Но Мухаммед пересмотрел взаимоотношения этих двух богов, заявив, что именно Аллах заключил завет с Авраамом в обмен на обещание потомства (Сура 2:124–133); что это Аллах явился Моисею (Мусе) в виде горящего куста и велел ему вернуться в Египет и освободить израильтян (Сура 28); что это Аллах опустошил мир катастрофическим потопом, позволив спастись лишь Ною (Нуху) и его семье (Сура 71); что это Аллах послал ангела к Марии (Марьям) с благой вестью, что она родит Мессию – Иисуса (Ису) (Сура 3:45–51); что от имени Аллаха написаны Тора и Евангелия (Сура 5:44–46).

Таким образом, Мухаммед не заменял Яхве Аллахом; он просто считал Яхве и Аллаха одним и тем же Богом.

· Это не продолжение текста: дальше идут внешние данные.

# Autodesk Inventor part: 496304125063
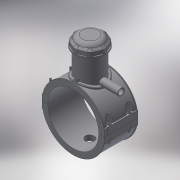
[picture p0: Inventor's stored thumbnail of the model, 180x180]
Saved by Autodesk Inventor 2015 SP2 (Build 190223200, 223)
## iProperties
Created: 2017-07
Part Number: 496304125063
Material: Generic
Description: PLASSON TAPPING SADDLE 125x63
Document SubType Name: Modeling
Designer: KIM
Mass: 1120.34 g
Surface Area: 2443.22 cm^2
Volume: 1120.34 cm^3
Density: 1 g/cm^3
Appearance: Default
Author: KIM
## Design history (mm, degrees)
derived "496304.ipt"
feature "Solid1::496304.ipt"
feature "Solid2::496304.ipt"
feature "Solid4::496304.ipt"
feature "Solid5::496304.ipt"
tag "TaggingFeature1"
body "Solid1"
body "Solid2"
other parameters: "d0" = 125, "d2" = 162, "d3" = 31.25, "d4" = 118, "d5" = 0, "d6" = 0.1, "d8" = 0, "d19" = 6, "d20" = 6, "d21" = 70.8, "d23" = 0, "d24" = 35.4, "d26" = 0, "d29" = 3, "d30" = 41.66667, "d31" = 6, "d32" = 0, "d33" = 0, "d34" = 0.6, "d40" = 78, "d41" = 75, "d43" = 0, "d45" = 0, "d47" = 145.8, "d70" = 15, "d72" = 0, "d73" = 6, "d75" = 5, "d76" = 0, "d77" = 6.25, "d78" = 92.5, "d79" = 15, "d80" = 47.2, "d82" = 5 deg, "d84" = 4, "d85" = 14, "d86" = 0, "d87" = 3, "d88" = 0, "d89" = 1, "d90" = 1, "d91" = 94.4, "d92" = 0, "d93" = 0.5, "d94" = 65.78947, "d96" = 153, "d97" = 2.36, "d98" = 0, "d102" = 1.25, "d120" = 140 deg, "d121" = 24.228, "d122" = 20 deg, "d126" = 0, "d143" = 128.75, "d145" = 19.23077, "d149" = 1.875, "d150" = 21.15385, "d153" = 118, "d154" = 0, "d156" = 75, "d157" = 160 deg, "d159" = 5, "d161" = 1.875, "d162" = 70.8, "d163" = 0, "d164" = 62.5, "d167" = 12.5, "d168" = 73.17073, "d170" = 3.375, "d172" = 0, "d173" = 1, "d175" = 62.5, "d176" = 20 deg, "d177" = 8.75, "d178" = 25, "d180" = 0, "d184" = 7, "d185" = 38.35, "d186" = 38.35, "d187" = 75, "d188" = 7.5, "d189" = 8.75, "d190" = 0, "d191" = 112.5, "d193" = 6.3, "d194" = 4.13, "d195" = 90 deg, "d197" = 0, "d199" = 0, "d200" = 12.5, "d202" = 0, "d203" = 177, "d204" = 71.25, "d205" = 52.5, "d206" = 63.75, "d207" = 132.75, "d208" = 138.06, "d209" = 164.61, "d210" = 64.5, "d211" = 75, "d213" = 29.25, "d216" = 0, "d217" = 12.5, "d218" = 12.5, "d219" = 2.5, "d222" = 125, "d224" = 0, "d230" = 5, "d233" = 6, "d236" = 81, "d237" = 35.4, "d238" = 6.02433, "d240" = 35.4, "d241" = 35.4, "d242" = 35.4, "d243" = 6, "d244" = 35.4, "d245" = 35.4, "d246" = 35.4, "d247" = 6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
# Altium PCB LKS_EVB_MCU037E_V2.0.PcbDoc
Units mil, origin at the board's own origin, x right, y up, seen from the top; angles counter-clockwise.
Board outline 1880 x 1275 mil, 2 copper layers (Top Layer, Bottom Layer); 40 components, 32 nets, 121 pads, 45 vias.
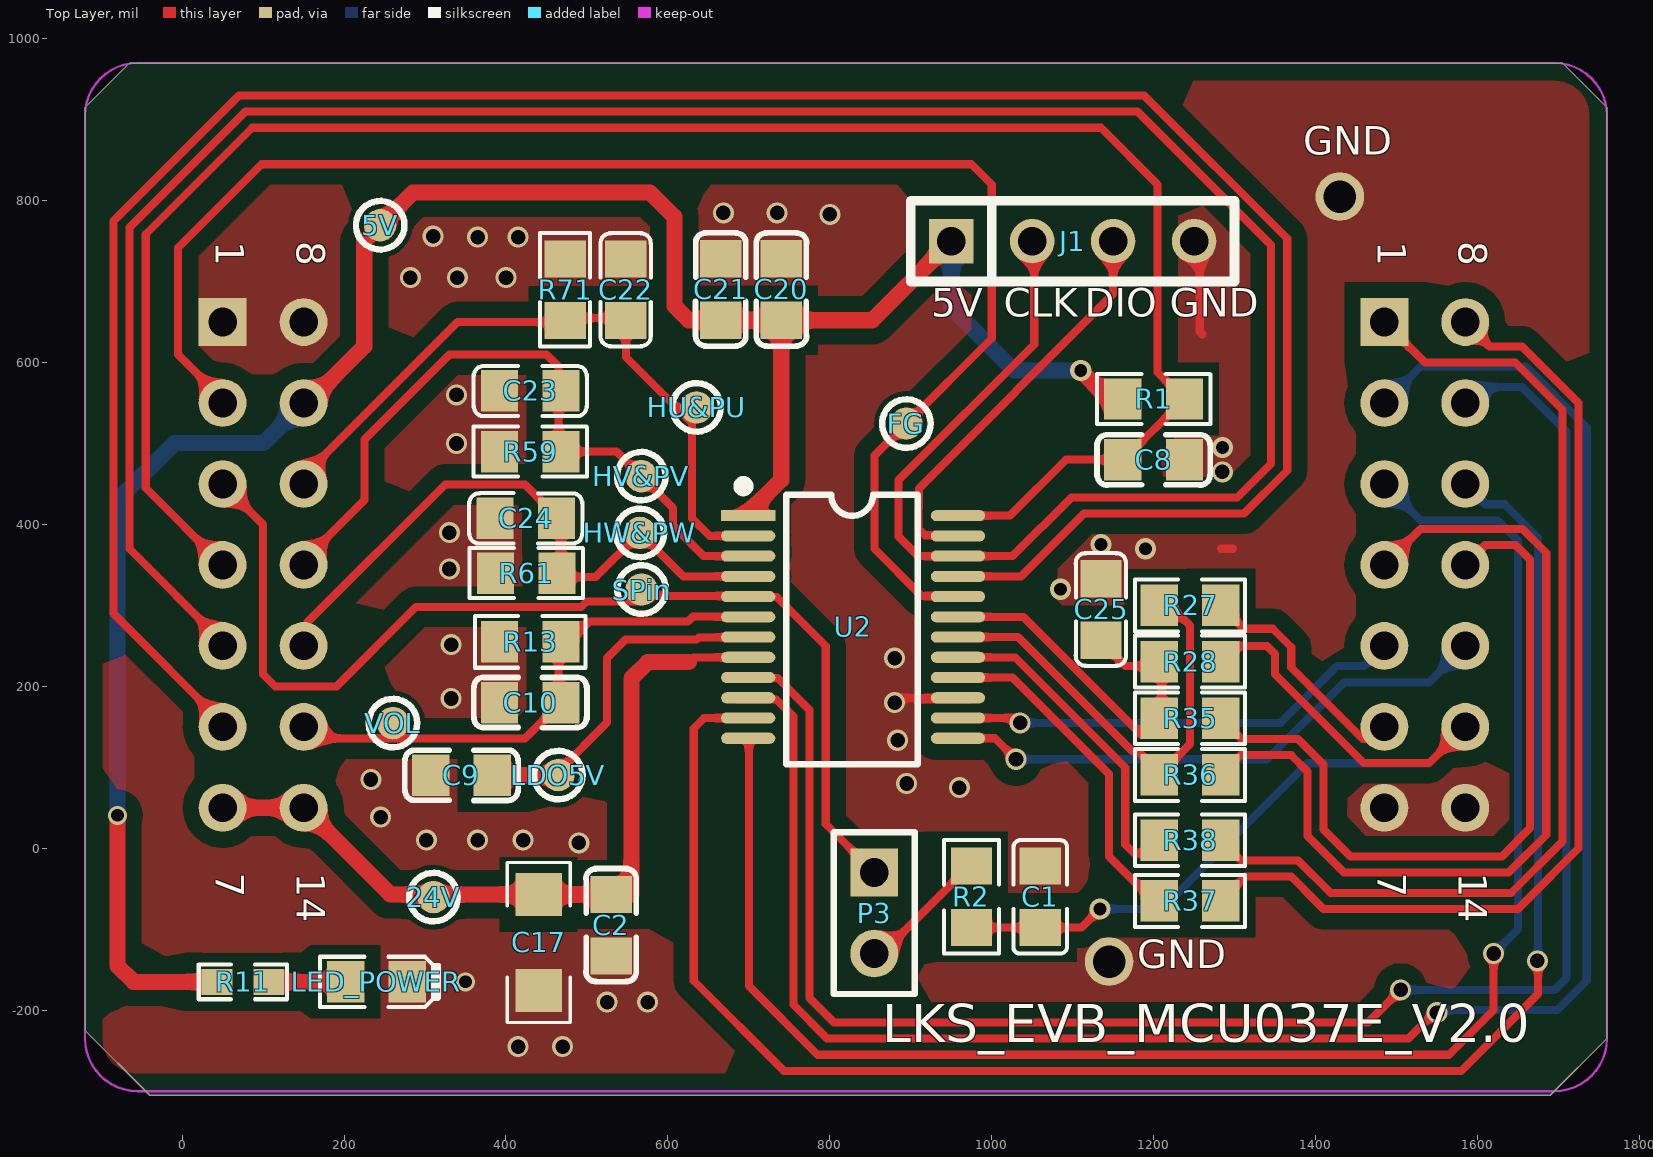
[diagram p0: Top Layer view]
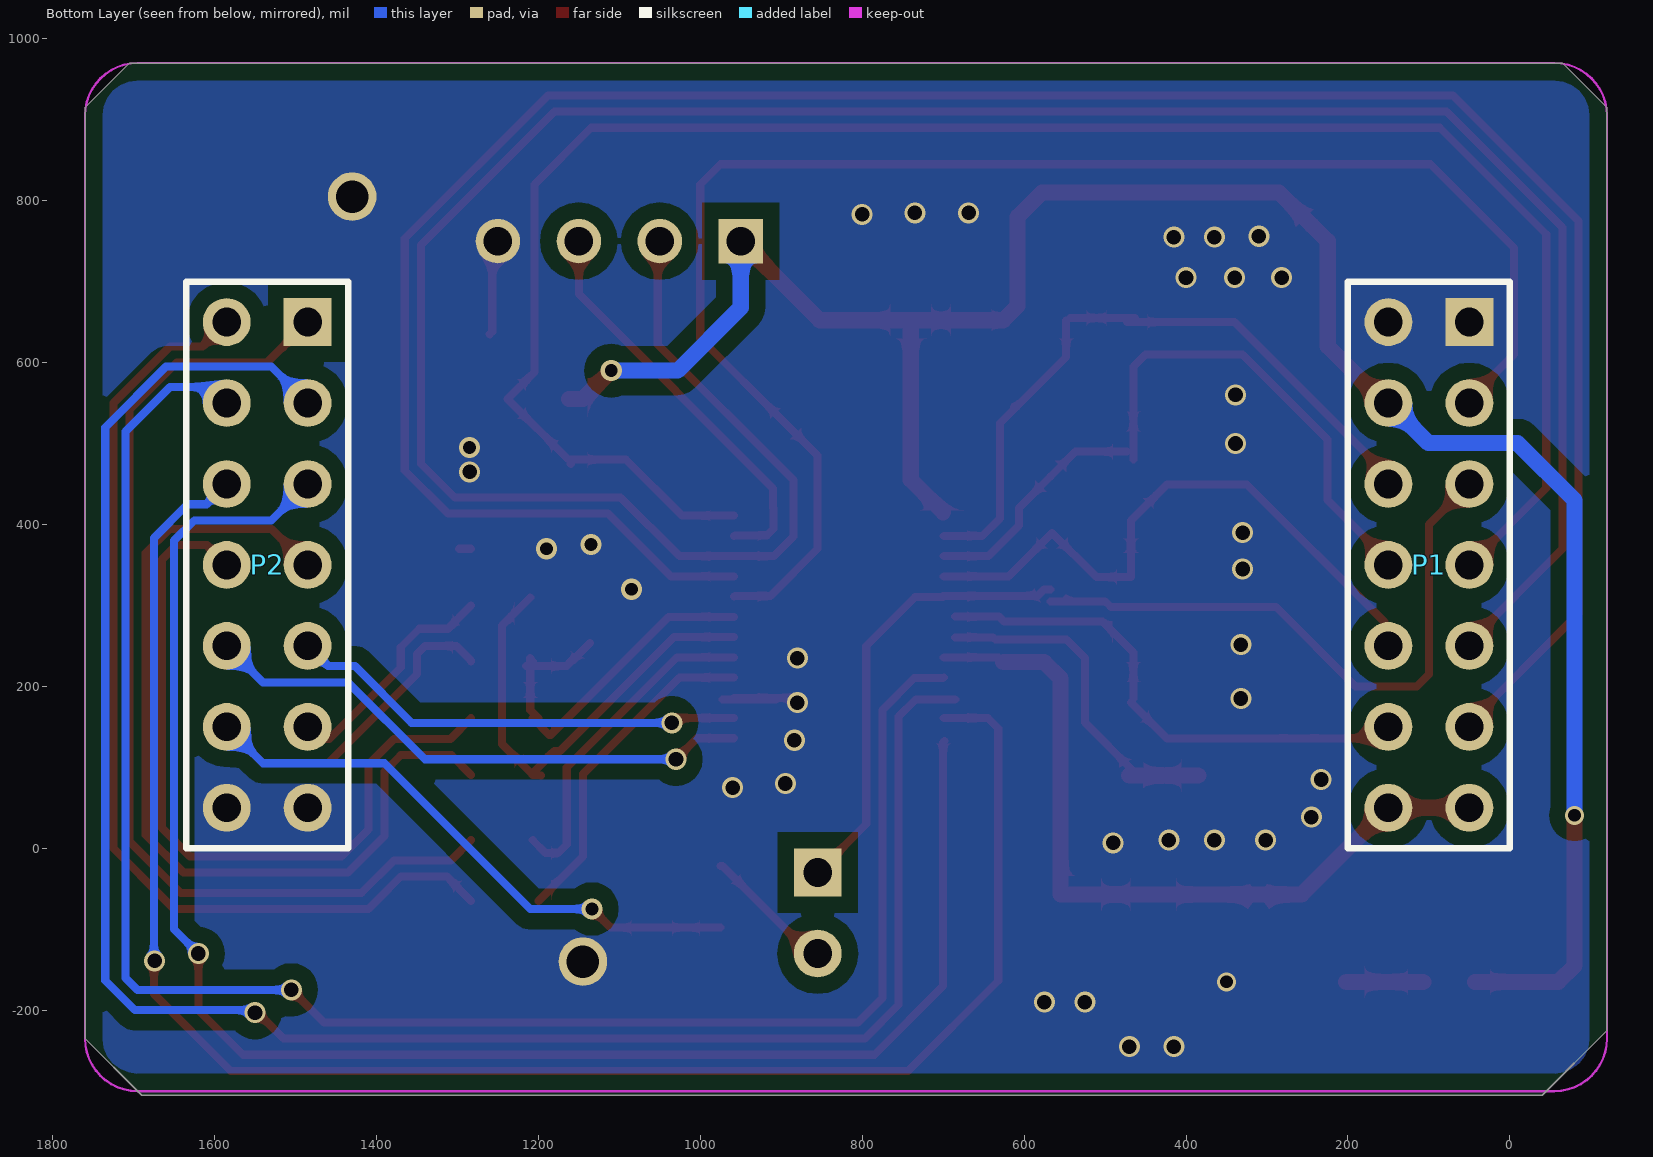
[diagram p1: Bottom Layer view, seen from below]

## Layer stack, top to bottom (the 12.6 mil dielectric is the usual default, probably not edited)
Top Solder: solder mask 0.4, Solder Resist, Dk 3.5
Top Layer: signal copper 1.4
Dielectric1: dielectric 12.6, FR-4, Dk 4.8
Bottom Layer: signal copper 1.4
Bottom Solder: solder mask 0.4, Solder Resist, Dk 3.5

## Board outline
-120,-225 -40,-305 1690,-305 1760,-235 1760,915 1705,970 -65,970 -120,915
cut-out: -3565,-3010 -3555,-3010 -3555,-3000 -3565,-3000

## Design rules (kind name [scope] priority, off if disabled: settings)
Clearance Clearance_1 [INPolygon] p1: gap=20 ignorepadtopadclearanceinfootprint=FALSE except(0: Arc-Hole Track-Hole SMDPad-Hole THPad-Hole Via-Hole Fill-Hole Poly-Hole Region-Hole Text-Hole)
Clearance [All] p2: gap=10 ignorepadtopadclearanceinfootprint=FALSE except(0: Arc-Hole Track-Hole SMDPad-Hole THPad-Hole Via-Hole Fill-Hole Poly-Hole Region-Hole Text-Hole)
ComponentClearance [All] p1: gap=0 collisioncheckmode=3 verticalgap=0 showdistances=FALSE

По сути, Мухаммед заявлял, что сам он – лишь один из длинной череды пророков, восходящей к Адаму, и его задача – явить не новое писание, а «подтверждение тому, что было до него» (Сура 12:111). «Мы уверовали в Аллаха и в то, что ниспослано нам, и в то, что было ниспослано Ибрахиму (Аврааму), Исмаилу (Измаилу), Исхаку (Исааку), Йакубу (Иакову) и коленам (двенадцати сыновьям Йакуба) и в то, что было даровано Мусе (Моисею), Исе (Иисусу) и пророкам от их Господа. Мы не делаем различий между ними…» (Сура 3:84).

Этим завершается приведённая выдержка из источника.